В это время при дворе царил траур. Я тотчас же послала к госпоже Жермон, и она ответила мне через мою горничную, что император не любит черного цвета и у дамы, удостоенной чести быть приглашенной в тесный кружок их величеств, траурный туалет, в особенности в деревне, должен быть весь белый и состоять из круглого платья и замысловатой прически, а все необходимое я получу на следующий день к двенадцати часам.
В половине шестого я была уже у решетки Сен-Клу.
Часовой не сразу пропустил во двор мою карету, и мне пришлось вызвать дежурного камергера, который проводил меня в гостиную.
В качестве гофмейстерины меня довольно холодно встретила герцогиня Монтебелло, еще более усилив мое неловкое положение, так как я не увидела там ни одного знакомого лица. Как потом оказалось, это была ее обычная манера обращения, которой она придерживалась со всеми, что не мешало ей иметь преданных друзей и искренних поклонников. Этим она была обязана столько же своей красоте, сколько и уважению, которое внушала всем, знавшим ее близко
[37].
Ровно в шесть часов вышла императрица в сопровождении одной статс-дамы, принадлежавшей к прежней старой аристократии. Имени ее я не помню. Про нее говорили, что она прекрасно знала придворный церемониал Людовика XVI, – достоинство весьма ценное в то время, особенно ввиду приезда молодой государыни.
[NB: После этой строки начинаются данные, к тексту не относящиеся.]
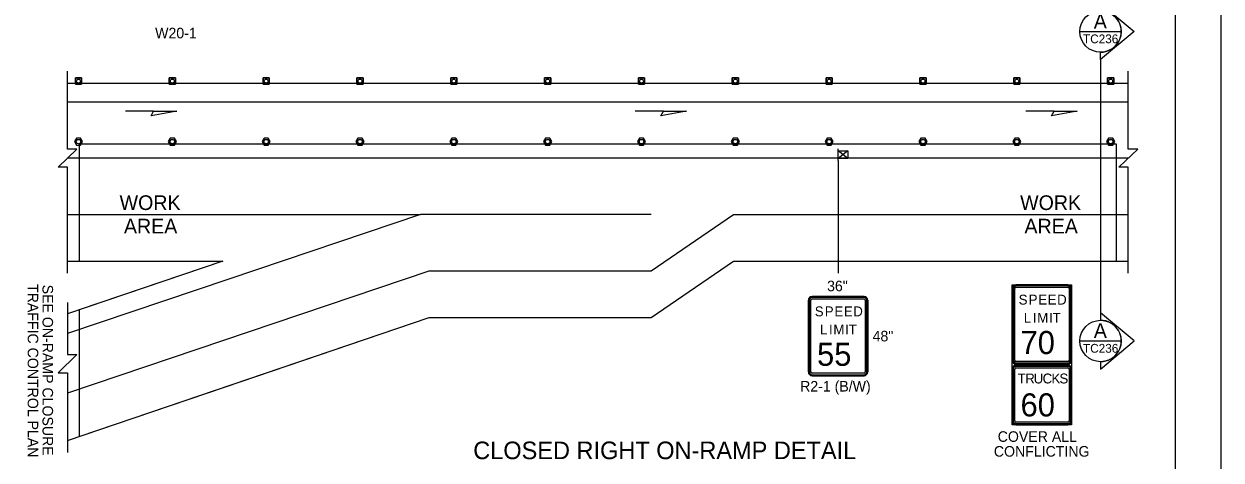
# Model space of a CAD drawing. Extents: x 99999 to 100116, y 99995 to 100013.
# Drawn here: x 100067.9 to 100076.06, y 100001.79 to 100004.77 of the extents above; entities that cross this region are included whole.
import ezdxf

# ---------------------------------------------------------------- set-up
doc = ezdxf.new("R2010")
doc.units = 0
for name, color, linetype in [('Default', 7, 'Continuous'), ('RD_MK_LineEdgeYellow', 7, 'Continuous'), ('RD_MK_LineLane', 7, 'Continuous'), ('SH_DE_DetailHeading2Text', 7, 'Continuous'), ('SH_GI_PlotLimits', 7, 'Continuous'), ('SH_GI_SheetBorder', 7, 'Continuous'), ('SH_TI_WZSectionCut', 7, 'Continuous'), ('TR_SN_ConstructionSigns', 7, 'Continuous'), ('TR_WZ_PortableSignMount5ftMinBlk-Wht', 7, 'Continuous'), ('TR_WZ_TallChanDevice', 7, 'Continuous'), ('TR_WZ_TrafficCone', 7, 'Continuous'), ('TR_WZ_WorkAreaLabel', 7, 'Continuous'), ('TR_WZ_WorkZoneDetails', 7, 'Continuous')]:
    doc.layers.add(name, color=color, linetype=linetype)

msp = doc.modelspace()

# ---------------------------------------------------------------- linework, layer by layer
at = {"layer": 'Default'}
for p, q in [((100074.638, 100002.4156), (100074.638, 100002.0613)), ((100075.0177, 100002.441), (100074.6633, 100002.441)), ((100075.043, 100002.0613), (100075.043, 100002.4156)), ((100074.6633, 100002.036), (100075.0177, 100002.036))]:
    msp.add_line(p, q, dxfattribs=at)
for centre, start, end in [((100074.6633, 100002.4156), 90, 180), ((100075.0177, 100002.4156), 0, 90), ((100074.6633, 100002.0613), 180, 270.00001), ((100075.0177, 100002.0613), 270.00001, 0.00001)]:
    msp.add_arc(centre, 0.0253, start, end, dxfattribs=at)
at = {"layer": 'RD_MK_LineEdgeYellow'}
for p, q in [((100068.195, 100004.238), (100075.43, 100004.238)), ((100068.195, 100003.47), (100069.2533, 100003.47)), ((100072.1758, 100003.086), (100072.7368, 100003.47)), ((100072.7368, 100003.47), (100075.43, 100003.47)), ((100070.6655, 100003.086), (100068.195, 100002.2517)), ((100070.6655, 100003.086), (100072.1758, 100003.086)), ((100069.2943, 100003.0282), (100068.195, 100002.657))]:
    msp.add_line(p, q, dxfattribs=at)
at = {"layer": 'RD_MK_LineLane'}
for points in [[(100075.43, 100003.854), (100068.195, 100003.854)], [(100072.1758, 100003.47), (100070.6024, 100003.47)]]:
    msp.add_lwpolyline(points, dxfattribs=at)
at = {"layer": 'SH_GI_PlotLimits'}
msp.add_lwpolyline([(100059.0625, 99999.6875), (100076.0625, 99999.6875), (100076.0625, 100010.6875), (100059.0625, 100010.6875)], close=True, dxfattribs=at)
at = {"layer": 'SH_GI_SheetBorder'}
msp.add_line((100075.75, 100010.375), (100075.75, 100000), dxfattribs=at)
at = {"layer": 'SH_TI_WZSectionCut'}
for p, q in [((100075.2407, 100004.9082), (100075.4688, 100004.7171)), ((100075.4688, 100004.7171), (100075.2407, 100004.526)), ((100075.2407, 100004.526), (100075.2407, 100004.5759)), ((100075.2407, 100004.526), (100075.2407, 100002.798)), ((100075.2407, 100002.798), (100075.2407, 100002.748)), ((100075.4689, 100002.6068), (100075.2407, 100002.798)), ((100075.2407, 100002.4157), (100075.4689, 100002.6068)), ((100075.2407, 100002.4656), (100075.2407, 100002.4157))]:
    msp.add_line(p, q, dxfattribs=at)
for points in [[(100075.0995, 100004.7171), (100075.3819, 100004.7171)], [(100075.0995, 100002.6068), (100075.3819, 100002.6068)]]:
    msp.add_lwpolyline(points, dxfattribs=at)
for centre in [(100075.2407, 100004.7171), (100075.2407, 100002.6068)]:
    msp.add_circle(centre, 0.1412, dxfattribs=at)
for centre in [(100075.2407, 100004.7171), (100075.2407, 100002.6068)]:
    msp.add_arc(centre, 0.1412, 269.99779, 90.00221, dxfattribs=at)
at = {"layer": 'TR_SN_ConstructionSigns'}
for p, q in [((100074.638, 100002.4753), (100074.638, 100002.9646)), ((100074.638, 100002.9646), (100074.638, 100002.4753)), ((100074.6451, 100002.9646), (100074.6451, 100002.4753)), ((100074.6549, 100002.4753), (100074.6549, 100002.9646)), ((100074.6633, 100002.99), (100075.0177, 100002.99)), ((100075.0177, 100002.99), (100074.6633, 100002.99)), ((100075.0177, 100002.9829), (100074.6633, 100002.9829)), ((100074.6633, 100002.9731), (100075.0177, 100002.9731)), ((100075.0261, 100002.9646), (100075.0261, 100002.4753)), ((100075.036, 100002.4753), (100075.036, 100002.9646)), ((100075.043, 100002.9646), (100075.043, 100002.4753)), ((100075.043, 100002.4753), (100075.043, 100002.9646)), ((100073.2475, 100002.3953), (100073.2475, 100002.8846)), ((100073.2475, 100002.8846), (100073.2475, 100002.3953)), ((100073.2546, 100002.8846), (100073.2546, 100002.3953)), ((100073.2644, 100002.3953), (100073.2644, 100002.8846)), ((100073.2728, 100002.91), (100073.6272, 100002.91)), ((100073.6272, 100002.91), (100073.2728, 100002.91)), ((100073.6272, 100002.9029), (100073.2728, 100002.9029)), ((100073.2728, 100002.8931), (100073.6272, 100002.8931)), ((100073.6357, 100002.8846), (100073.6357, 100002.3953)), ((100073.6455, 100002.3953), (100073.6455, 100002.8846)), ((100073.6525, 100002.8846), (100073.6525, 100002.3953)), ((100073.6525, 100002.3953), (100073.6525, 100002.8846)), ((100075.0177, 100002.4668), (100074.6633, 100002.4668)), ((100073.6272, 100002.3868), (100073.2728, 100002.3868)), ((100073.2728, 100002.377), (100073.6272, 100002.377)), ((100074.638, 100002.0613), (100074.638, 100002.4156)), ((100074.638, 100002.4156), (100074.638, 100002.0613)), ((100074.6451, 100002.4156), (100074.6451, 100002.0613)), ((100074.6549, 100002.0613), (100074.6549, 100002.4156)), ((100074.6633, 100002.457), (100075.0177, 100002.457)), ((100075.0177, 100002.45), (100074.6633, 100002.45)), ((100074.6633, 100002.45), (100075.0177, 100002.45)), ((100074.6633, 100002.441), (100075.0177, 100002.441)), ((100075.0177, 100002.441), (100074.6633, 100002.441)), ((100075.0177, 100002.4339), (100074.6633, 100002.4339)), ((100074.6633, 100002.4241), (100075.0177, 100002.4241)), ((100075.0261, 100002.4156), (100075.0261, 100002.0613)), ((100075.036, 100002.0613), (100075.036, 100002.4156)), ((100075.043, 100002.4156), (100075.043, 100002.0613)), ((100075.043, 100002.0613), (100075.043, 100002.4156)), ((100073.6272, 100002.37), (100073.2728, 100002.37)), ((100073.2728, 100002.37), (100073.6272, 100002.37)), ((100075.0177, 100002.0528), (100074.6633, 100002.0528)), ((100074.6633, 100002.043), (100075.0177, 100002.043)), ((100075.0177, 100002.036), (100074.6633, 100002.036)), ((100074.6633, 100002.036), (100075.0177, 100002.036))]:
    msp.add_line(p, q, dxfattribs=at)
msp.add_lwpolyline([(100074.638, 100002.99), (100075.043, 100002.99), (100075.043, 100002.036), (100074.638, 100002.036)], close=True, dxfattribs=at)
for centre, radius, start, end in [((100074.6633, 100002.9646), 0.0253, 90, 180), ((100074.6633, 100002.9646), 0.0253, 90, 180), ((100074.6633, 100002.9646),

Мария Луиза была одета очень просто – в белое платье, обшитое внизу черной лентой, – это и был траурный туалет, о котором я говорила.
Спустя минуту в гостиную вошли принцесса Боргезе, император и герцог Вюрцбургский, дядя императрицы, тот самый, который сопровождал ее в Париж. За ними следовал Монталиве, министр внутренних дел, – и это всё! Ни свиты, ни пышности – по-семейному.
Сказав мне несколько слов, император позвонил и спросил, поданы ли экипажи, а получив утвердительный ответ, предложил нам сделать маленькую прогулку по парку. Он подал руку императрице, и они сели в изящную коляску, запряженную по-английски шестью великолепными гнедыми лошадьми. Трое придворных конюхов в зеленых ливреях, вышитых золотом, сопровождали экипаж.
Мы следовали за императорской коляской в хорошенькой открытой шестиместной корзинке.
Герцог Вюрцбургский имел очень смущенный вид и лишь изредка перебрасывался словом с принцессой Боргезе, в которую он, говорят, был влюблен, хотя, глядя на них, этого совсем нельзя было предположить. Царившее в нашей коляске молчание нарушалось жалобами трех дам, которые поехали без шляп и теперь были беззащитны перед пылью и солнцем.